Mr. Speaker, I thank my colleagues for their comments on this very important issue. I believe it is possible to develop national standards. I thank the hon. parliamentary secretary for his comments. He made reference to a comprehensive list that is used now to discuss and to look at each individual veterans health care centre. It would not be complicated to expand that list, to formalize that list so we have national standards.
The reason for national standards for veterans health care is that veterans are not and have not experienced the life experiences of ordinary citizens. This manifests itself on my visits to the veterans health care centres in many ways. For example, the oxygen rooms in veterans health care centres are much larger than in ordinary senior homes. There is also psychiatric difficulties that veterans experience which can manifest themselves in their later days considerably more than with ordinary seniors because some of them had horrific experiences in their wartime service.
I will relate a quick story of my experience in the military as a military policeman being sent to downtown Trenton to pick up a person from a hotel. As I was driving him to his home I thought he was receiving fantastic service for an impaired corporal. I found out why I was picking him up and taking him home.
Halfway home he broke down and started mimicking machine gun sounds. He broke into tears. I left him at his doorstep with his wife consoling him. On my return to the guardhouse I asked the sergeant what had happened. He explained. This gentleman was a tailgunner in World War II. He had taken off, tired and fell fast asleep. The bumping of the takeoff awoke him. He saw a plane in his gunsight and shot it out of the sky. It was one of his own planes. These type of experiences only war veterans have had.
Yes, veterans in veterans care facilities need extra consideration. Yes, they need extra rules. Yes, they need extra protection. This is very clear, whether it is the Perley Rideau Hospital where there are ongoing discussions right now or Ste Anne de Bellevue. Before we devolve more we should develop standards that would reflect the extra psychiatric help. My experience and the experience of others who have been in the military is that we were brought up on cigarettes. A lifetime of that does affect them. There is a substantially higher level of lung problems among veterans.

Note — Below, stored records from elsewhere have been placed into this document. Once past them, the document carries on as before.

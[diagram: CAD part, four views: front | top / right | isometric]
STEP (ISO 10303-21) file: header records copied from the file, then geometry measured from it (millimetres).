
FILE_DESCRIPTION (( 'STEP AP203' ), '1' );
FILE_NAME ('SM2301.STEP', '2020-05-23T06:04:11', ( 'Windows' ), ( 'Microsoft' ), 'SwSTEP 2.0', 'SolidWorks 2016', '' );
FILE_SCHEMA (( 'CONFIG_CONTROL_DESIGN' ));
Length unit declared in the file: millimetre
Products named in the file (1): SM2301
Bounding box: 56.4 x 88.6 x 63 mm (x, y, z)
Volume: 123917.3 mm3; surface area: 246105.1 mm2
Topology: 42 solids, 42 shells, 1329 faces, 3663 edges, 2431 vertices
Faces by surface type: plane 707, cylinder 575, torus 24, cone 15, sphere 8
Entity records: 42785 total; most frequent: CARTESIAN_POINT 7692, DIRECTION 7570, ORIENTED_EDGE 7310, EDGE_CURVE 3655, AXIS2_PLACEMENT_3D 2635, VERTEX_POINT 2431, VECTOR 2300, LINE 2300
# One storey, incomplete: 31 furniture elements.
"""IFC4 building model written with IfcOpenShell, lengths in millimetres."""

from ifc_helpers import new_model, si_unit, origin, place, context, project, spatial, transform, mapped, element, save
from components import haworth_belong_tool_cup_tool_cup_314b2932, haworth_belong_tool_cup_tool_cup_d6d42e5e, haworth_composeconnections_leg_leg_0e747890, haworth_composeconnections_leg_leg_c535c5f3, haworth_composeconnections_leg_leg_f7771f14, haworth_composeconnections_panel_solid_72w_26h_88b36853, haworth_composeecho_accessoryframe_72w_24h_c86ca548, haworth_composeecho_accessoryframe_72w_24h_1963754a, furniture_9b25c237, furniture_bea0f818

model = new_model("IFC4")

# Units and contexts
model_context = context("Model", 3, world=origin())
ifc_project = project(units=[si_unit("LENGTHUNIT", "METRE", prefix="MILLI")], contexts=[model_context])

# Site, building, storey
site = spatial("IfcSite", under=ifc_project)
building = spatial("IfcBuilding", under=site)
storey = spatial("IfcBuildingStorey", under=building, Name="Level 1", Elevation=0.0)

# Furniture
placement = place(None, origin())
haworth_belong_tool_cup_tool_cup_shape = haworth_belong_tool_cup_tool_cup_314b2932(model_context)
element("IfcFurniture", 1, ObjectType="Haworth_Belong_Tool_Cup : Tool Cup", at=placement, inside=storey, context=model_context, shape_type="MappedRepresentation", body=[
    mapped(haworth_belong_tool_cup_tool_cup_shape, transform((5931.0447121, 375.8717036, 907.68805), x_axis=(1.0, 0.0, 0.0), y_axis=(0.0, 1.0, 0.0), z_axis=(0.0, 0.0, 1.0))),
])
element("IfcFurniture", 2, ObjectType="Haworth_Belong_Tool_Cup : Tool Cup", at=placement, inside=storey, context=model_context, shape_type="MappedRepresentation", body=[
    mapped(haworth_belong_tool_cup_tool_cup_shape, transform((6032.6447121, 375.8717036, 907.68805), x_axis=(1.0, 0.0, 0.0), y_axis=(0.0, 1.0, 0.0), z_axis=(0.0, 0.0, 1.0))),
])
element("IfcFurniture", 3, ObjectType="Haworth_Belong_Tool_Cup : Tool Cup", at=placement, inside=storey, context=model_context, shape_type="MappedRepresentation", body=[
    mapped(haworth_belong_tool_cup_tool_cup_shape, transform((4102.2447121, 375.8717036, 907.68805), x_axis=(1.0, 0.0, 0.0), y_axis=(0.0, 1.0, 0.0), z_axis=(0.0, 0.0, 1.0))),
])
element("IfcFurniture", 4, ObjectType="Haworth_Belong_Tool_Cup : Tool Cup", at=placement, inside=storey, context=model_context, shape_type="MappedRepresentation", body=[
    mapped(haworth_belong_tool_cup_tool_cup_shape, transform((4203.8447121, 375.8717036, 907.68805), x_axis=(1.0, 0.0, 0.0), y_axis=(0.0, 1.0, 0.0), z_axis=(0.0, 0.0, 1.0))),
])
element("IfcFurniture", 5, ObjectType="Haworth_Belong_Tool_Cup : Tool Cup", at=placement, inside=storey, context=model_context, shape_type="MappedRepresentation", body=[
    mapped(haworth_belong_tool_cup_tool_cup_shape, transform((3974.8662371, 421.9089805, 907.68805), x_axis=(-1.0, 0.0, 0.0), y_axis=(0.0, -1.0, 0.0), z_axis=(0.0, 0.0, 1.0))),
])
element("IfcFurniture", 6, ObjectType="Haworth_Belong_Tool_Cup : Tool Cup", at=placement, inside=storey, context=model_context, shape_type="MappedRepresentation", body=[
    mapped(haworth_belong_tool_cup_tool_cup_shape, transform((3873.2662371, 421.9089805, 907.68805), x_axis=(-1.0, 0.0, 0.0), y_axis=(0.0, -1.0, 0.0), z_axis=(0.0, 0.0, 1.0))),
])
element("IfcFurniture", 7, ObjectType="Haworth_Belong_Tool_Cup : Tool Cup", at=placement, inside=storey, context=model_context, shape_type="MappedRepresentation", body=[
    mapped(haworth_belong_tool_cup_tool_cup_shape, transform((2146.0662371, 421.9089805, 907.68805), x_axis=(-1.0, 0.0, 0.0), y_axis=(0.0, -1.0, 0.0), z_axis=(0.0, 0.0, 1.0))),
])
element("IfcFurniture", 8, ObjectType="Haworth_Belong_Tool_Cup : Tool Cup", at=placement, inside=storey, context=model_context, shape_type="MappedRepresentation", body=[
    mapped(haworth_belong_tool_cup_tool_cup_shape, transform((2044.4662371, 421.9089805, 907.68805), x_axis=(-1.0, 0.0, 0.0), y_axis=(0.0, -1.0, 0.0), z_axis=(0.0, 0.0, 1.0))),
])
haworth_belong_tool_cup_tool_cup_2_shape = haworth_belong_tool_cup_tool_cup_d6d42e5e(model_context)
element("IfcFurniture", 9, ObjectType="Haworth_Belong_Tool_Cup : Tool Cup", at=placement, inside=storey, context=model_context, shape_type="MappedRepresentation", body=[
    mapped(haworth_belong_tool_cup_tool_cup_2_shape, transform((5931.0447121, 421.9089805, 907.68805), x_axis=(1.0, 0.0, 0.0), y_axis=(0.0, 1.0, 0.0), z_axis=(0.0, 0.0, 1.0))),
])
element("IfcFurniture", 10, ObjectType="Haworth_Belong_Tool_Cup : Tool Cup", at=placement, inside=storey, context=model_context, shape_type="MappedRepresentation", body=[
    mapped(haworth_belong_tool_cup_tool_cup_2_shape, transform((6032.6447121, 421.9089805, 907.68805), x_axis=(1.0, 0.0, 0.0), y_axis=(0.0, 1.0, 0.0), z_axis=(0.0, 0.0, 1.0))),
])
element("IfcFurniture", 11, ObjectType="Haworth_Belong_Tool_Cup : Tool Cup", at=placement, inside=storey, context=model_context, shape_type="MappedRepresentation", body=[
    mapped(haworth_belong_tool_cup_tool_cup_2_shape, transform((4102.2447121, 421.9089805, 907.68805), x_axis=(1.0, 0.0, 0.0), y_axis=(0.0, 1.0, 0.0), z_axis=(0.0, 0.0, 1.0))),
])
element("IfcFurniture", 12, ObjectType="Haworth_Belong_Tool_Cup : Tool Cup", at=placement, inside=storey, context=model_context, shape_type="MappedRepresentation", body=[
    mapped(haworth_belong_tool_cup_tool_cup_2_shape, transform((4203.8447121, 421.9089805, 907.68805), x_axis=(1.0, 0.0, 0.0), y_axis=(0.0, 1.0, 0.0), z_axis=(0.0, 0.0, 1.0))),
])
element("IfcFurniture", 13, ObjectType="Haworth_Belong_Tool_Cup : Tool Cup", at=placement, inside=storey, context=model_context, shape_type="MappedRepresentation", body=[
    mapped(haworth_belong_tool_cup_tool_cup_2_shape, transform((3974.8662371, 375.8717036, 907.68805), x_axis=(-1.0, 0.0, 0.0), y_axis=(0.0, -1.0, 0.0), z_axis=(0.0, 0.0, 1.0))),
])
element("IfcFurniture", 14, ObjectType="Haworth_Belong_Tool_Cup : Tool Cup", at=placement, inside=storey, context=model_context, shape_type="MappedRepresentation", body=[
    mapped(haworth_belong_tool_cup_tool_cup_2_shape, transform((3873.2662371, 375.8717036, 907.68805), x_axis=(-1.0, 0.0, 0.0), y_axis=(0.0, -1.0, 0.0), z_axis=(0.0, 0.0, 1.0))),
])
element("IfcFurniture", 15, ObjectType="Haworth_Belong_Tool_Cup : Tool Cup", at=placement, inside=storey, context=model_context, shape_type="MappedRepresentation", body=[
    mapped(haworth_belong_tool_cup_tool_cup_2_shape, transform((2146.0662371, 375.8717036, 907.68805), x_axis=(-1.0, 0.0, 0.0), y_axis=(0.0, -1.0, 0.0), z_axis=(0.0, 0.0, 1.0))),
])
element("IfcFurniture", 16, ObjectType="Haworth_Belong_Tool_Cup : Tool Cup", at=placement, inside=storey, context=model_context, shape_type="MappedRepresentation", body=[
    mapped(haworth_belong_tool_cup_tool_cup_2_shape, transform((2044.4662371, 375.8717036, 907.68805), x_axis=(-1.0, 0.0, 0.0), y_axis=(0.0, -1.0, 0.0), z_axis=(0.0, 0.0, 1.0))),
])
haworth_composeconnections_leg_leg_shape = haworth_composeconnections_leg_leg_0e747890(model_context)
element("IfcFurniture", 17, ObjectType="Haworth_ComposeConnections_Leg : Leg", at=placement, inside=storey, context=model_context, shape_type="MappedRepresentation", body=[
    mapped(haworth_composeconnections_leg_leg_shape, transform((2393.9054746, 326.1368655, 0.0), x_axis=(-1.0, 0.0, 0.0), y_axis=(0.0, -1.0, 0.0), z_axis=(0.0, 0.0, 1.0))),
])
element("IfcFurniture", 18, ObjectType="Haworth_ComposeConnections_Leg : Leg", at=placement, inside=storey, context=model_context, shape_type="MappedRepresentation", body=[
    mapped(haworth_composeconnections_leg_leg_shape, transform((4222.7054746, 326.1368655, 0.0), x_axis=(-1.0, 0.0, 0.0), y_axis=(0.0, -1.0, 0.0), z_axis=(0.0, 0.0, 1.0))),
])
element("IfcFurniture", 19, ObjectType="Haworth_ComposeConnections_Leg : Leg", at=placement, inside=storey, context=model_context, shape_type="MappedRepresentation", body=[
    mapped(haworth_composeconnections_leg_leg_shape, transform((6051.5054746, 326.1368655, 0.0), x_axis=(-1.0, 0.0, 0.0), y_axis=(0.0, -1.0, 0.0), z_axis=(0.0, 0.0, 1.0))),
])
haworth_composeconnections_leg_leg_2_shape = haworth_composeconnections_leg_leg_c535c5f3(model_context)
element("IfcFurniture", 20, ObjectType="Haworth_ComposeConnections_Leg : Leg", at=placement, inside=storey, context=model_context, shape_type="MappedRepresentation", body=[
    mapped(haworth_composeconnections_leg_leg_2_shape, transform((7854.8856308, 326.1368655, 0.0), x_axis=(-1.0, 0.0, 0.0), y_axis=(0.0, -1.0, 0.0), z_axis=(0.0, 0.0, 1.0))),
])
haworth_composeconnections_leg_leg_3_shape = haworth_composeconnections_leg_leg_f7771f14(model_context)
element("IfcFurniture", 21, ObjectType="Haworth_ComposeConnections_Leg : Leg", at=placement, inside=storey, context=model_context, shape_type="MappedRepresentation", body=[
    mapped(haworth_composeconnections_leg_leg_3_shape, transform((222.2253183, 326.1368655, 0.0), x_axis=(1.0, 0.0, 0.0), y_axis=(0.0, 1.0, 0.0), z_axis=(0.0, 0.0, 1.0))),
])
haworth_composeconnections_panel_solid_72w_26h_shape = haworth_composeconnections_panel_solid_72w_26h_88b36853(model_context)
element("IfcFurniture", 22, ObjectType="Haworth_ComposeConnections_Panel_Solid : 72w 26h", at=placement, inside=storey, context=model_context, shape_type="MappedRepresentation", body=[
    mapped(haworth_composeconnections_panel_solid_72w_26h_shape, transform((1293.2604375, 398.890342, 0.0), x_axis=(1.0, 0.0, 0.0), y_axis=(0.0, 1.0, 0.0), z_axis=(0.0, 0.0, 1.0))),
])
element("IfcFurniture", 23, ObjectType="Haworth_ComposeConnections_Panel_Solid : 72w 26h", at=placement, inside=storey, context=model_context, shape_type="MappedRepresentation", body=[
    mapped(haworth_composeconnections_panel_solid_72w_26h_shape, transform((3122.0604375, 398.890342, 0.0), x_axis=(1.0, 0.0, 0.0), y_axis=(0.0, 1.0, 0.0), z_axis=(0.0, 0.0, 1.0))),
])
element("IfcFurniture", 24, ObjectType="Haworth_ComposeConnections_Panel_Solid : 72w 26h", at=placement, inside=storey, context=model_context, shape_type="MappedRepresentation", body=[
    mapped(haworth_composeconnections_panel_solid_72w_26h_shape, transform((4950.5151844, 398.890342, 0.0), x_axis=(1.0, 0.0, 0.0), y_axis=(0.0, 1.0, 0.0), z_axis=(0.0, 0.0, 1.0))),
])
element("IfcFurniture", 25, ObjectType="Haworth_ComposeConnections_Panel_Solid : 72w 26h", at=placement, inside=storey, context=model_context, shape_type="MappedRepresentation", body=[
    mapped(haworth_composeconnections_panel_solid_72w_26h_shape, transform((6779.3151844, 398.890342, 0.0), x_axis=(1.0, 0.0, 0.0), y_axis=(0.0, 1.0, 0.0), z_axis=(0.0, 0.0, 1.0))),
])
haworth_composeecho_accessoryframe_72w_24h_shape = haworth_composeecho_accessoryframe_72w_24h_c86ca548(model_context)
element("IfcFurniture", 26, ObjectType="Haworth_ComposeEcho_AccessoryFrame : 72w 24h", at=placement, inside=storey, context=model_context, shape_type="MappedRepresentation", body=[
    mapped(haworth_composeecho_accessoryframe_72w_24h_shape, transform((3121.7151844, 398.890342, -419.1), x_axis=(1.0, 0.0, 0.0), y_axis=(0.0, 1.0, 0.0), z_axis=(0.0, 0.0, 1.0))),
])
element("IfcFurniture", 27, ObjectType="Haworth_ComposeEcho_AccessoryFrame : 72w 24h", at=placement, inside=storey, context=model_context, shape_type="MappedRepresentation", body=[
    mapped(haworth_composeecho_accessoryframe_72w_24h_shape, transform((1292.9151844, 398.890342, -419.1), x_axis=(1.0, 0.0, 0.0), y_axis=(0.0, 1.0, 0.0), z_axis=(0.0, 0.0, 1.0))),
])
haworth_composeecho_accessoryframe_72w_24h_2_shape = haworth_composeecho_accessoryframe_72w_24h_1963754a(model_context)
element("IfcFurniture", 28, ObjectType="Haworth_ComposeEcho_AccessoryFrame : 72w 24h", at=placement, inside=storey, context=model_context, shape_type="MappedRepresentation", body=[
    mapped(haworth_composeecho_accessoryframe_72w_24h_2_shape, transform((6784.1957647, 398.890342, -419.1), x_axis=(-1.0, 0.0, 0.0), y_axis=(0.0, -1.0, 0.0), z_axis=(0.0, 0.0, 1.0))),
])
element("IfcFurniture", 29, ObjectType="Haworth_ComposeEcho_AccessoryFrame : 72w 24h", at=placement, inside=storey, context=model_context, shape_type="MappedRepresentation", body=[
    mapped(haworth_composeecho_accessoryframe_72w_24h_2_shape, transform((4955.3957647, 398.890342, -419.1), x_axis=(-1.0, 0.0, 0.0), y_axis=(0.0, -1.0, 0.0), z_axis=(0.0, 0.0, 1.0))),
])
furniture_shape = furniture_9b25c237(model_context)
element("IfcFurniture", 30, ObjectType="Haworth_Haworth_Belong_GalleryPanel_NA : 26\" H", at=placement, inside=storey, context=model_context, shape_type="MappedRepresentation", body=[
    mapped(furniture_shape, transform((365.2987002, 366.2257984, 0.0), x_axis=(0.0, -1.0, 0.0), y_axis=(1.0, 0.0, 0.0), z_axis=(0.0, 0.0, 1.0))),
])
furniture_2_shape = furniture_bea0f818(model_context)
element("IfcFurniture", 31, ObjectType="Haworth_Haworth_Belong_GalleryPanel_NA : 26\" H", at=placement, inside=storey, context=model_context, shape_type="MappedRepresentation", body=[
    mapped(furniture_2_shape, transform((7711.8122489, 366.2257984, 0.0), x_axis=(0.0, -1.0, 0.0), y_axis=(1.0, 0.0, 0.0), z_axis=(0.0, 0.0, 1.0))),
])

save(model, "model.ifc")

Yes, there is need for extra provisions for veterans health care centres. How could an ordinary hospital understand all of the problems of veterans? It is very important for these issues to be addressed in special facilities with special rules for the veterans who need it.
I asked earlier for unanimous consent to make this motion votable. This was denied. Therefore, I now seek unanimous consent that the motion be withdrawn and that the subject matter be referred to the Standing Committee on National Defence and Veterans Affairs.